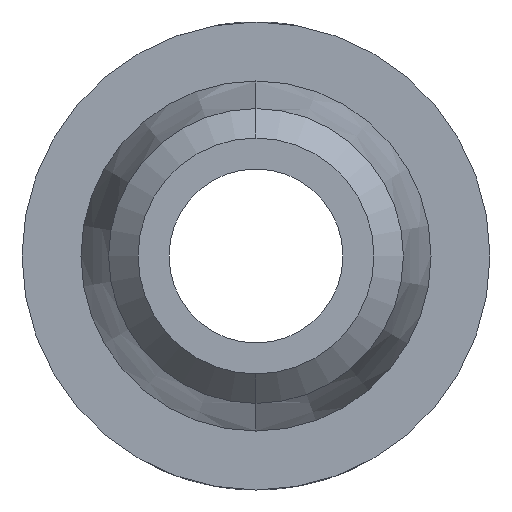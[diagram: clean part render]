
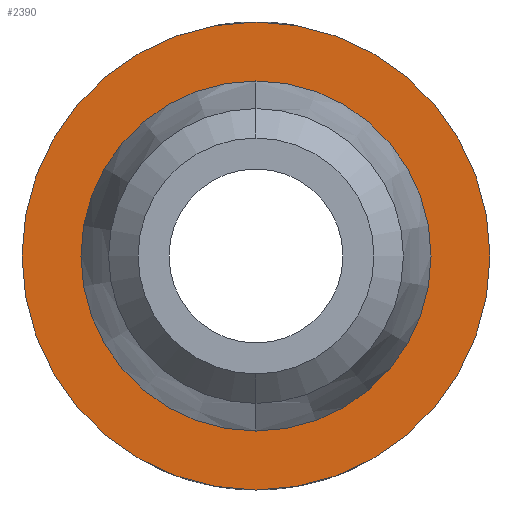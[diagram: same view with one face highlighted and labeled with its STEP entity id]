
A CAD part, left-side view. The second image highlights one B-rep face of the part: STEP entity #2390.
In plain terms, the highlighted planar face has unit normal (1, 0, 0).
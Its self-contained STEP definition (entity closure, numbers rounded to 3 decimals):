
#50=PLANE('',#2722);
#124=CIRCLE('',#2723,3.175);
#125=CIRCLE('',#2724,2.375);
#180=FACE_BOUND('',#306,.T.);
#210=FACE_OUTER_BOUND('',#305,.T.);
#305=EDGE_LOOP('',(#1950));
#306=EDGE_LOOP('',(#1951));
#1068=VERTEX_POINT('',#4623);
#1069=VERTEX_POINT('',#4625);
#1509=EDGE_CURVE('',#1068,#1068,#124,.T.);
#1510=EDGE_CURVE('',#1069,#1069,#125,.T.);
#1950=ORIENTED_EDGE('',*,*,#1509,.T.);
#1951=ORIENTED_EDGE('',*,*,#1510,.T.);
#2390=ADVANCED_FACE('',(#210,#180),#50,.T.);
#2722=AXIS2_PLACEMENT_3D('',#4622,#2982,#2983);
#2723=AXIS2_PLACEMENT_3D('',#4624,#2984,#2985);
#2724=AXIS2_PLACEMENT_3D('',#4626,#2986,#2987);
#2982=DIRECTION('center_axis',(1.,0.,0.));
#2983=DIRECTION('ref_axis',(0.,0.,-1.));
#2984=DIRECTION('center_axis',(1.,0.,0.));
#2985=DIRECTION('ref_axis',(0.,0.,-1.));
#2986=DIRECTION('center_axis',(-1.,0.,0.));
#2987=DIRECTION('ref_axis',(0.,0.,
-1.));
#4622=CARTESIAN_POINT('Origin',(-4.5,-3.213,0.));
#4623=CARTESIAN_POINT('',(-4.5,0.,3.175));
#4624=CARTESIAN_POINT('Origin',(-4.5,0.,0.));
#4625=CARTESIAN_POINT('',(-4.5,0.,2.375));
#4626=CARTESIAN_POINT('Origin',(-4.5,0.,0.));
----
## [REQUIRED ACTION]
Images stay out; the entries above are to be printed exactly.

## [OUTPUT]
[diagram: clean part render]
[diagram: same view with one face highlighted and labeled with its STEP entity id]
A CAD part, left-side view. The second image highlights one B-rep face of the part: STEP entity #2390.
In plain terms, the highlighted planar face has unit normal (1, 0, 0).
Its self-contained STEP definition (entity closure, numbers rounded to 3 decimals):
#50=PLANE('',#2722);
#124=CIRCLE('',#2723,3.175);
#125=CIRCLE('',#2724,2.375);
#180=FACE_BOUND('',#306,.T.);
#210=FACE_OUTER_BOUND('',#305,.T.);
#305=EDGE_LOOP('',(#1950));
#306=EDGE_LOOP('',(#1951));
#1068=VERTEX_POINT('',#4623);
#1069=VERTEX_POINT('',#4625);
#1509=EDGE_CURVE('',#1068,#1068,#124,.T.);
#1510=EDGE_CURVE('',#1069,#1069,#125,.T.);
#1950=ORIENTED_EDGE('',*,*,#1509,.T.);
#1951=ORIENTED_EDGE('',*,*,#1510,.T.);
#2390=ADVANCED_FACE('',(#210,#180),#50,.T.);
#2722=AXIS2_PLACEMENT_3D('',#4622,#2982,#2983);
#2723=AXIS2_PLACEMENT_3D('',#4624,#2984,#2985);
#2724=AXIS2_PLACEMENT_3D('',#4626,#2986,#2987);
#2982=DIRECTION('center_axis',(1.,0.,0.));
#2983=DIRECTION('ref_axis',(0.,0.,-1.));
#2984=DIRECTION('center_axis',(1.,0.,0.));
#2985=DIRECTION('ref_axis',(0.,0.,-1.));
#2986=DIRECTION('center_axis',(-1.,0.,0.));
#2987=DIRECTION('ref_axis',(0.,0.,
-1.));
#4622=CARTESIAN_POINT('Origin',(-4.5,-3.213,0.));
#4623=CARTESIAN_POINT('',(-4.5,0.,3.175));
#4624=CARTESIAN_POINT('Origin',(-4.5,0.,0.));
#4625=CARTESIAN_POINT('',(-4.5,0.,2.375));
#4626=CARTESIAN_POINT('Origin',(-4.5,0.,0.));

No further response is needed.